* _What is needed_
Please print only the top portion of the entries below, ending with the line that contains "442806.67)], close=True, dxfattribs=at)", exactly as written.

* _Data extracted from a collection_
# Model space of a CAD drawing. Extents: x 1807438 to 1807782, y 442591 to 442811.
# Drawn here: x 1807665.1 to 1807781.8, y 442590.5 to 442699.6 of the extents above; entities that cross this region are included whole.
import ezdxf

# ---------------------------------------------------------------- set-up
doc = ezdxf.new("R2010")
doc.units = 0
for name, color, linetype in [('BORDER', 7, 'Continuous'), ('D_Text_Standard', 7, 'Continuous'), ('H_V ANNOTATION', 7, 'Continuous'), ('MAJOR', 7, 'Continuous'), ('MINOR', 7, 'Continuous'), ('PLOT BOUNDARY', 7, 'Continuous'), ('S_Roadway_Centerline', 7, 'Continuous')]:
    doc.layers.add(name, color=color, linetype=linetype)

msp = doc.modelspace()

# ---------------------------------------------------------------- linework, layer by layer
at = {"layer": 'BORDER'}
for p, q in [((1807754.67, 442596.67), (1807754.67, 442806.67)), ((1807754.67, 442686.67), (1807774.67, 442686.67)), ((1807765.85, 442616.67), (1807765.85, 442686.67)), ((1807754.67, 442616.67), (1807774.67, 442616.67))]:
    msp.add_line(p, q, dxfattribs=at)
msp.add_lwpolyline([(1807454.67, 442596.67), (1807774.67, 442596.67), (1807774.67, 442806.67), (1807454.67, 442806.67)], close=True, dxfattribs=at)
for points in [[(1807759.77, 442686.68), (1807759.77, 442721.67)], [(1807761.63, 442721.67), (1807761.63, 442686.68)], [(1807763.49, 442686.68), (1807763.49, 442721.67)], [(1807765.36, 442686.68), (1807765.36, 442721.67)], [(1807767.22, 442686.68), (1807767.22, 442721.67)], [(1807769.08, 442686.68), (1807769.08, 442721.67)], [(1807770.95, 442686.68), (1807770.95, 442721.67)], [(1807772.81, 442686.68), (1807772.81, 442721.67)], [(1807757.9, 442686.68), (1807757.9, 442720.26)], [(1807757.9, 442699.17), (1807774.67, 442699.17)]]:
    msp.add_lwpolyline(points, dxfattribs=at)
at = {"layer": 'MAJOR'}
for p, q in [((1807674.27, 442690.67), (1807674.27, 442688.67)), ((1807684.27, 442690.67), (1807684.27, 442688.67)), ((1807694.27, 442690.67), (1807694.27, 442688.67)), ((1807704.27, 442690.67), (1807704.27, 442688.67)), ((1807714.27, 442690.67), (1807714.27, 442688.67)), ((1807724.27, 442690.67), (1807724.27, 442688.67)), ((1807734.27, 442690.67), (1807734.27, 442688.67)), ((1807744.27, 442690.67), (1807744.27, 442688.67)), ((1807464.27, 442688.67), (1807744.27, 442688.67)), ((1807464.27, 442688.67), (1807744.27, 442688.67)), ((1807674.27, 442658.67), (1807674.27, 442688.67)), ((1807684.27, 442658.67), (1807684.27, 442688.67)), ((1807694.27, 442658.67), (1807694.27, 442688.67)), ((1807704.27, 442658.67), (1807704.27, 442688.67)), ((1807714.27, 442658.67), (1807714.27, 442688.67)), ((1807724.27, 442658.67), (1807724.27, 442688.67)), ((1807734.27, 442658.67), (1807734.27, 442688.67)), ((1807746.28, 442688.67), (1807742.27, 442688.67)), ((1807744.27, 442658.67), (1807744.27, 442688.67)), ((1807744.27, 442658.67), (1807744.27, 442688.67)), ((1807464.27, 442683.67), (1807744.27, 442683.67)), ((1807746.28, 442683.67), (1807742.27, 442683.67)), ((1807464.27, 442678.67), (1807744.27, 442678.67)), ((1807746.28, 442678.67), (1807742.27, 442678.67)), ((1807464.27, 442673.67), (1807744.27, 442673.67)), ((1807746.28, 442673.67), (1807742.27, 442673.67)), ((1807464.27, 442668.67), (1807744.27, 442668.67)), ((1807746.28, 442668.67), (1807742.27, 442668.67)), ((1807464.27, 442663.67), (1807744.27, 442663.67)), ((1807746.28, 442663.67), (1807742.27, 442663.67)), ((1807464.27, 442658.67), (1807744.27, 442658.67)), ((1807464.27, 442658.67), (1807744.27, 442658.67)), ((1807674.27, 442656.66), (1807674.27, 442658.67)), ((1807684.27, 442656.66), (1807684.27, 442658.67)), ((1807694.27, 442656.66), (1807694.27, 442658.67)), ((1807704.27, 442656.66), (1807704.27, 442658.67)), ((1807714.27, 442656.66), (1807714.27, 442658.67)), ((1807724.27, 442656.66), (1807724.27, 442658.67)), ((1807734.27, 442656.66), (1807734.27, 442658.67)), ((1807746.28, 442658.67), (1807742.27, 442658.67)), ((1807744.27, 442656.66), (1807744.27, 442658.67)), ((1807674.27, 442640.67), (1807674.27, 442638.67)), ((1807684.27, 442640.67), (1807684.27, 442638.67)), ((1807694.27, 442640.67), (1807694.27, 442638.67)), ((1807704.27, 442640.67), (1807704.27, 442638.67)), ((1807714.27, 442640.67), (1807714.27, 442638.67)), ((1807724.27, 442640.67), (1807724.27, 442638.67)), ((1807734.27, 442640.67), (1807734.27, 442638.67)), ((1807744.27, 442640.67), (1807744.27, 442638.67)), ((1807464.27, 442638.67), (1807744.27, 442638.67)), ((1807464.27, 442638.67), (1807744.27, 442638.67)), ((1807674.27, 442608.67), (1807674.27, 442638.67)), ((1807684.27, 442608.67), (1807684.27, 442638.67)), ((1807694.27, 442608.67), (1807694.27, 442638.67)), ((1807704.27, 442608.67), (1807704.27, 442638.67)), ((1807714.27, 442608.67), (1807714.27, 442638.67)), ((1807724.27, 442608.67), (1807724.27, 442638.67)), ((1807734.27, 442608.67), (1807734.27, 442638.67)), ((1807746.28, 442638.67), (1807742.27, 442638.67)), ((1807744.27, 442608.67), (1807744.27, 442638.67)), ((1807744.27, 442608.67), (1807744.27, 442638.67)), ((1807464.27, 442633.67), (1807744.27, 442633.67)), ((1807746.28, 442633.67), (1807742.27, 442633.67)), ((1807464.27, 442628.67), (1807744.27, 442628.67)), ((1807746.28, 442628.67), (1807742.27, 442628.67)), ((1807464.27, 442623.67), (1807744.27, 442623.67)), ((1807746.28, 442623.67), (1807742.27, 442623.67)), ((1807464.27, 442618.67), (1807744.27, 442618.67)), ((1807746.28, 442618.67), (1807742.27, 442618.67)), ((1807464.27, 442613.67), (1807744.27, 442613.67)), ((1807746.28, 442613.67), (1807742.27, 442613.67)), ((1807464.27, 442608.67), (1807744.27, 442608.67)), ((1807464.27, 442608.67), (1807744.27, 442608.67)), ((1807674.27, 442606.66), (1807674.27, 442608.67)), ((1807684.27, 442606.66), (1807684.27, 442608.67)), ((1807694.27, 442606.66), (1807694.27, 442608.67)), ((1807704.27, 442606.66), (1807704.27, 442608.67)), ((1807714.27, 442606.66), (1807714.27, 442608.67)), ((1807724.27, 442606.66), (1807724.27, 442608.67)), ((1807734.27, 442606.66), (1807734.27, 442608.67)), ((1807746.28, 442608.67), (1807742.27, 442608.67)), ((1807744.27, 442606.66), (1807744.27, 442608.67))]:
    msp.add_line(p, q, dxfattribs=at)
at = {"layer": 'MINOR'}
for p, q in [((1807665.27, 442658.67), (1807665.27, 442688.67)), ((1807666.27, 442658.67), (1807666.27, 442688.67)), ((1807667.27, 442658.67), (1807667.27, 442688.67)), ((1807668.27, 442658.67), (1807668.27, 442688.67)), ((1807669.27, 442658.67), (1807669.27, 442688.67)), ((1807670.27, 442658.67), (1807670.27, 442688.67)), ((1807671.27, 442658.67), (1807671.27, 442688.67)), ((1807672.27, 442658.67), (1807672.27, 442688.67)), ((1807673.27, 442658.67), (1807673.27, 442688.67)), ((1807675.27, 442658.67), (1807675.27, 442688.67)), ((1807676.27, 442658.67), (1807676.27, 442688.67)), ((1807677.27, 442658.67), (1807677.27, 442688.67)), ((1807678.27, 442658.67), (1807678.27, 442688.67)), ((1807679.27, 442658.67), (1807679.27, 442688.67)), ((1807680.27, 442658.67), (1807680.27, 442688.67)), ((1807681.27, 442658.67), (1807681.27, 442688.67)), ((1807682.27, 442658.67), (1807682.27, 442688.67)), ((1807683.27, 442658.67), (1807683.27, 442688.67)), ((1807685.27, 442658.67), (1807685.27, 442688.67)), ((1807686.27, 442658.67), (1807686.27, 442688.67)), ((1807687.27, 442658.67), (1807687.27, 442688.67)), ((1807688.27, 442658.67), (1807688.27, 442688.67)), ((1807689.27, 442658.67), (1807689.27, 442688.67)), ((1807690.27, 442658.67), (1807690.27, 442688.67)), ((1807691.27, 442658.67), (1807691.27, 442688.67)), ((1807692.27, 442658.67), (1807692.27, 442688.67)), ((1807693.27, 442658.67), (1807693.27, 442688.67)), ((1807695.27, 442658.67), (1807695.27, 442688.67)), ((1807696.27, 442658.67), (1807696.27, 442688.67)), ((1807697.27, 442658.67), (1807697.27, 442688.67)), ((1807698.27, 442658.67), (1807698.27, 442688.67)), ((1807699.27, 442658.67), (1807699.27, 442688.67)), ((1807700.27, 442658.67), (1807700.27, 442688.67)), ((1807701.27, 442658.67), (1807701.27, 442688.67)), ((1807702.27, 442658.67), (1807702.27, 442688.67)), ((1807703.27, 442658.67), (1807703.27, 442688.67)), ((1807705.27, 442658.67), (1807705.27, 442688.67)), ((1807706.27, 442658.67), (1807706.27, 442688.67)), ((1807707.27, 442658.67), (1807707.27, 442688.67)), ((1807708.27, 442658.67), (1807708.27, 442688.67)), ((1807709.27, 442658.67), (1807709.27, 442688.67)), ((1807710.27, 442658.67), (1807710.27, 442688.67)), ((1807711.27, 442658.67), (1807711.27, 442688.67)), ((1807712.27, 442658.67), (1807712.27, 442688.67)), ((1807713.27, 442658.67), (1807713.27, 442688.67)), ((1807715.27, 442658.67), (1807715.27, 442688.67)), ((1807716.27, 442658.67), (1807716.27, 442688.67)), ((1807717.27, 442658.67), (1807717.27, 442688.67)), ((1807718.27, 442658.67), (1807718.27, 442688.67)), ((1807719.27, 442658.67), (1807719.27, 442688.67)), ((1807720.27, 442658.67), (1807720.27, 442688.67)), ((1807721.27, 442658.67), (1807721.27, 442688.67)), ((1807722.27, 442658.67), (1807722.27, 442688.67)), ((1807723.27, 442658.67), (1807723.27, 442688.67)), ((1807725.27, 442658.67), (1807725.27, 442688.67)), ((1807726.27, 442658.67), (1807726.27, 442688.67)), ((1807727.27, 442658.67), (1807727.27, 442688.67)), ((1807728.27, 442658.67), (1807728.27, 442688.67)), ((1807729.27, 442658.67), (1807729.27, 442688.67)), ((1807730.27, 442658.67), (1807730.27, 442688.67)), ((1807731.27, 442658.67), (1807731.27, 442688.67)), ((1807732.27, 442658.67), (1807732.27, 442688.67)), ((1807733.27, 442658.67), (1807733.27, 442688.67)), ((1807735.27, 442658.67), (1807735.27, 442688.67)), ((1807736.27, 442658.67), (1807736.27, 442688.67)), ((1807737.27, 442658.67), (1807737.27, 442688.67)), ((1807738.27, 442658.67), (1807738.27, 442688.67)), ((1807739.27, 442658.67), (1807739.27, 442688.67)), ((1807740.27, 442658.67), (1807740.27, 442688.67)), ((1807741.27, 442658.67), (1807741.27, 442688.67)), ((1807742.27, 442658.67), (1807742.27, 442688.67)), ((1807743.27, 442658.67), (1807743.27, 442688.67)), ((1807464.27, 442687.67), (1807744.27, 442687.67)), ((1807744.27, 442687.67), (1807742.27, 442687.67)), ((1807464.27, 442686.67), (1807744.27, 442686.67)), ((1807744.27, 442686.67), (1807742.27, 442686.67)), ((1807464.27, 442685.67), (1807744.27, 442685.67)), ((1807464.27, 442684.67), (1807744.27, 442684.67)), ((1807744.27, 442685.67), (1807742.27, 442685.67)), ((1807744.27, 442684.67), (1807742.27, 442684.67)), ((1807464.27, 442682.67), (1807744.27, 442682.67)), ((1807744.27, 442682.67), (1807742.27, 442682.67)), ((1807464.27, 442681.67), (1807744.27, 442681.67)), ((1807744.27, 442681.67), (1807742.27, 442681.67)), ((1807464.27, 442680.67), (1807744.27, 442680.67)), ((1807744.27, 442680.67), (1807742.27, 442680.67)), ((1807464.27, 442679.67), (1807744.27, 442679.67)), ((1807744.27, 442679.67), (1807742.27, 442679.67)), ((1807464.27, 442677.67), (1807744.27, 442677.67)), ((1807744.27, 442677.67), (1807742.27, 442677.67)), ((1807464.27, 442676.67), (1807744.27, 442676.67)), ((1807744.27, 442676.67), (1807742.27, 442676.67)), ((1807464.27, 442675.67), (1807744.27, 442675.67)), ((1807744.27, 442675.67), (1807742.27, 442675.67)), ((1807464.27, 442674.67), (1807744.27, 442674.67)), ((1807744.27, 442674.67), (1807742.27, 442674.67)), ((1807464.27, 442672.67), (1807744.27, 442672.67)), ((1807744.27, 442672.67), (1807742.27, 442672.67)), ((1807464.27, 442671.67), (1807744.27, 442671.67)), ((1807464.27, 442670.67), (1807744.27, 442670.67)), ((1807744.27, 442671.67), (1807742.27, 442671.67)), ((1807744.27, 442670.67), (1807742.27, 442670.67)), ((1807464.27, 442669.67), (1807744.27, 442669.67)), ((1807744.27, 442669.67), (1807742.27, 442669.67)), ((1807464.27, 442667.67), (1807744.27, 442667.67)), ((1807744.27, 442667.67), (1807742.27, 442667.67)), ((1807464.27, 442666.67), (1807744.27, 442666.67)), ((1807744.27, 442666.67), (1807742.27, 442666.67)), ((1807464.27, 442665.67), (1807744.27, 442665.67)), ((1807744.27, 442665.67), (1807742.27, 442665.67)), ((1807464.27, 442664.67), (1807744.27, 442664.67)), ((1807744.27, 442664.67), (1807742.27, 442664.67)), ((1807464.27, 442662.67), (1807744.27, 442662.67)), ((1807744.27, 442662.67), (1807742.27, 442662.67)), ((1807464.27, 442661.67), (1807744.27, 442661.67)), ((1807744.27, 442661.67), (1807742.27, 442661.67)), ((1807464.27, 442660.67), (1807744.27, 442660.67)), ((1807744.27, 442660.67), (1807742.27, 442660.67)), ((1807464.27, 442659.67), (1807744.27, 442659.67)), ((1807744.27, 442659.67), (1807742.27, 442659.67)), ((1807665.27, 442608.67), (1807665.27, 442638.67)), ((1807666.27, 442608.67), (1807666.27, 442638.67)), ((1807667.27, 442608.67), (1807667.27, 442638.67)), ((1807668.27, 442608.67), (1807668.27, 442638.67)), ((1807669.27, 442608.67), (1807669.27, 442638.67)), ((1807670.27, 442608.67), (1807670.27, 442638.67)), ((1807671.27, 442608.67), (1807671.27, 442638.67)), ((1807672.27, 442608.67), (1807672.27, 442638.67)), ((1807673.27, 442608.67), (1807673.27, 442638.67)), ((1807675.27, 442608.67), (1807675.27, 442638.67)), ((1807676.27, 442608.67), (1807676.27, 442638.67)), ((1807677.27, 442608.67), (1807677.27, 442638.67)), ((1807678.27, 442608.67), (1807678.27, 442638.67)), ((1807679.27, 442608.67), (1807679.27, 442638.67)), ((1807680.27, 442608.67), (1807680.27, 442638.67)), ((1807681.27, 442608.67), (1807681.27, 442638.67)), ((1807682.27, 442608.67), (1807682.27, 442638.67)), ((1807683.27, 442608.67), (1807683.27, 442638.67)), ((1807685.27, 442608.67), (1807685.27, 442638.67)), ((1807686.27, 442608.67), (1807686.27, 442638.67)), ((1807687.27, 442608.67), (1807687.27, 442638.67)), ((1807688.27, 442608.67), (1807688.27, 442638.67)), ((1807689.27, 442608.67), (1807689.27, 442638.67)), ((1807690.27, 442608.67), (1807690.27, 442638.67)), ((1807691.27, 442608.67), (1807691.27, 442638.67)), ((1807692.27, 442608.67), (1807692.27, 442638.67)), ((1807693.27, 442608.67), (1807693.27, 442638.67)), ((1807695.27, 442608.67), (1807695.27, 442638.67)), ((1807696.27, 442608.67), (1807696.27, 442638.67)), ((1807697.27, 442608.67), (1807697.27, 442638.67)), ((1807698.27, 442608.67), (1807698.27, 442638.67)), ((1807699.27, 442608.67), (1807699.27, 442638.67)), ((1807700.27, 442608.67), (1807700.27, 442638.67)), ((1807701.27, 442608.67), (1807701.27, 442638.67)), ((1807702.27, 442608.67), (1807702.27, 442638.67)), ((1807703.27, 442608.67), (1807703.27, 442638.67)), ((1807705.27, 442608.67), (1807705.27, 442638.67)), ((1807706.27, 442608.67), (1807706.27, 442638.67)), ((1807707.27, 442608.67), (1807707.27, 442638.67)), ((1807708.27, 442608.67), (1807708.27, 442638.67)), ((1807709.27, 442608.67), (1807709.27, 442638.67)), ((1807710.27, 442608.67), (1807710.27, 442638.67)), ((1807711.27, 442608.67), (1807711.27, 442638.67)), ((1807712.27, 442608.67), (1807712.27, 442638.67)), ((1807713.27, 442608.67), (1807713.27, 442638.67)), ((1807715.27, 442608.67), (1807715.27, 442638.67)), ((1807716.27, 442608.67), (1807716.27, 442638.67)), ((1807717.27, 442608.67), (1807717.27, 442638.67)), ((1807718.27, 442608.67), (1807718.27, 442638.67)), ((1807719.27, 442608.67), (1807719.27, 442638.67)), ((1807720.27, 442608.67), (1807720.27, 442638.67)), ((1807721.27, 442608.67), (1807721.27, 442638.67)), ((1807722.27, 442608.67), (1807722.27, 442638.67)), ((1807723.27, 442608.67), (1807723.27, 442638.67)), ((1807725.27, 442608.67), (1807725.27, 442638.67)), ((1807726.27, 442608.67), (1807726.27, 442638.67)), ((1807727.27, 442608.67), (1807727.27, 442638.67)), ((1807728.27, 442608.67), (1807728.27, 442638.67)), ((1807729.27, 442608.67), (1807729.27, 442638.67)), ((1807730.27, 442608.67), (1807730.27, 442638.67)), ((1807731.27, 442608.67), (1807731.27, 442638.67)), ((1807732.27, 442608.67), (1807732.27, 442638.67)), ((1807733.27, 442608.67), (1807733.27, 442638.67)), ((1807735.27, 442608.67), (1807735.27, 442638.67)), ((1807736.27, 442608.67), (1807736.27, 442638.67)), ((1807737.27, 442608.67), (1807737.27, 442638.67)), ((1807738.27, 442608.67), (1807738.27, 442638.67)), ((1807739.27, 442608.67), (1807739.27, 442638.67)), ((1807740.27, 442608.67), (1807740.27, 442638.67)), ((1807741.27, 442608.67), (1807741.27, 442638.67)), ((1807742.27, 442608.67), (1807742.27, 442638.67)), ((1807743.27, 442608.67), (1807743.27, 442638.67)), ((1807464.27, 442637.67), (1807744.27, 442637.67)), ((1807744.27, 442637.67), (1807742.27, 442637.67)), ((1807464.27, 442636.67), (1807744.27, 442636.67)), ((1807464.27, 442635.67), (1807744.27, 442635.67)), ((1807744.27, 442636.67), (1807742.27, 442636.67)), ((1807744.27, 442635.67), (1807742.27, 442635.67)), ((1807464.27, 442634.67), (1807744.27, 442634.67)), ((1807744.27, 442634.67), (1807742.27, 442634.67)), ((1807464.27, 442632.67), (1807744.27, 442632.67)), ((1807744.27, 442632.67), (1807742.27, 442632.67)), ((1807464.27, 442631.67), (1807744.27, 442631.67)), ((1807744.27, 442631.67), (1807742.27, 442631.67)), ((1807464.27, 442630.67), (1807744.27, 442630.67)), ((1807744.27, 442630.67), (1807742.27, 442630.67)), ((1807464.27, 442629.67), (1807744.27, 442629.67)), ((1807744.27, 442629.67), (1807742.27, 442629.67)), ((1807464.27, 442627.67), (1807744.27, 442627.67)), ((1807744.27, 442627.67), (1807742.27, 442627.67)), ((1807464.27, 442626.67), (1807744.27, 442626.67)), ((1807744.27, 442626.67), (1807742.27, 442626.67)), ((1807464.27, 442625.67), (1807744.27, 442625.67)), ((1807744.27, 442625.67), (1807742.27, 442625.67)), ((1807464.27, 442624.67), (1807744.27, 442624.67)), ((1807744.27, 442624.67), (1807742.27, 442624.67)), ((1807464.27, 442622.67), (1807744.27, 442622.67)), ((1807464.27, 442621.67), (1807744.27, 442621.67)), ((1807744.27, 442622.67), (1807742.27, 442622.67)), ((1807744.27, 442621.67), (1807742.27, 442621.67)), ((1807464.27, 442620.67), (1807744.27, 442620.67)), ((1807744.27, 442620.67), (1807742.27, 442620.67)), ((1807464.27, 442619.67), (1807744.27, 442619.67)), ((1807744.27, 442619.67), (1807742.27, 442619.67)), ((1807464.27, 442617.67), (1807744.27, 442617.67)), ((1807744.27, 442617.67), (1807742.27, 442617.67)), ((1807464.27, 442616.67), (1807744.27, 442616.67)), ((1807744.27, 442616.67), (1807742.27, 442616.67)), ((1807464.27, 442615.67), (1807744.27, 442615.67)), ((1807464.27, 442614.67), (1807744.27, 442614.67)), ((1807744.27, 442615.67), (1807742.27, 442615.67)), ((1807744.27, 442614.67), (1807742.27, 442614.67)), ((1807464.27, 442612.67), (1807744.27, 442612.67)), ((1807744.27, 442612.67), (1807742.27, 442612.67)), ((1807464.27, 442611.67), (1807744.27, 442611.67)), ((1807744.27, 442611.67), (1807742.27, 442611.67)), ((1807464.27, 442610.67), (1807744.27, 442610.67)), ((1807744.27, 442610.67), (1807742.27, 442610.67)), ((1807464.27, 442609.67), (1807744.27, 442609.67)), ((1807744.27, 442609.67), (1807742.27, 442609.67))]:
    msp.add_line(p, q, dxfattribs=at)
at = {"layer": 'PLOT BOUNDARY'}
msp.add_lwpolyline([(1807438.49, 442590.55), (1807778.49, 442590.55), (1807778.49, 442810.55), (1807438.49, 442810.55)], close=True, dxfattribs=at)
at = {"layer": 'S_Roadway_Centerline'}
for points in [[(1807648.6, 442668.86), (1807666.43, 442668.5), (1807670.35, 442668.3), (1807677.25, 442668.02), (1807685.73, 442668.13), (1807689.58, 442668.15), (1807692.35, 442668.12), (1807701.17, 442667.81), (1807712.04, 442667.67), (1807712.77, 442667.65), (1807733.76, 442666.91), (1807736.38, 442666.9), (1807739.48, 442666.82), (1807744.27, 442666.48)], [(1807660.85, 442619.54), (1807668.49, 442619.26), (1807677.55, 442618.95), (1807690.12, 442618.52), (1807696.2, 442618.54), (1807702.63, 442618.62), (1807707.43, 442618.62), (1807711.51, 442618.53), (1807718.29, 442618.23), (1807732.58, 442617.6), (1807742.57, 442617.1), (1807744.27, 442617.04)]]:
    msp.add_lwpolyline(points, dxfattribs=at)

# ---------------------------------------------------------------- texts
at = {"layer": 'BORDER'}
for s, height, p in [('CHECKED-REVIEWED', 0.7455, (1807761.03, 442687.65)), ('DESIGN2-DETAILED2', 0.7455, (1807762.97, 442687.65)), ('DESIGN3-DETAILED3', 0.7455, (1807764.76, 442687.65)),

* _Result_
# Model space of a CAD drawing. Extents: x 1807438 to 1807782, y 442591 to 442811.
# Drawn here: x 1807665.1 to 1807781.8, y 442590.5 to 442699.6 of the extents above; entities that cross this region are included whole.
import ezdxf

# ---------------------------------------------------------------- set-up
doc = ezdxf.new("R2010")
doc.units = 0
for name, color, linetype in [('BORDER', 7, 'Continuous'), ('D_Text_Standard', 7, 'Continuous'), ('H_V ANNOTATION', 7, 'Continuous'), ('MAJOR', 7, 'Continuous'), ('MINOR', 7, 'Continuous'), ('PLOT BOUNDARY', 7, 'Continuous'), ('S_Roadway_Centerline', 7, 'Continuous')]:
    doc.layers.add(name, color=color, linetype=linetype)

msp = doc.modelspace()

# ---------------------------------------------------------------- linework, layer by layer
at = {"layer": 'BORDER'}
for p, q in [((1807754.67, 442596.67), (1807754.67, 442806.67)), ((1807754.67, 442686.67), (1807774.67, 442686.67)), ((1807765.85, 442616.67), (1807765.85, 442686.67)), ((1807754.67, 442616.67), (1807774.67, 442616.67))]:
    msp.add_line(p, q, dxfattribs=at)
msp.add_lwpolyline([(1807454.67, 442596.67), (1807774.67, 442596.67), (1807774.67, 442806.67), (1807454.67, 442806.67)], close=True, dxfattribs=at)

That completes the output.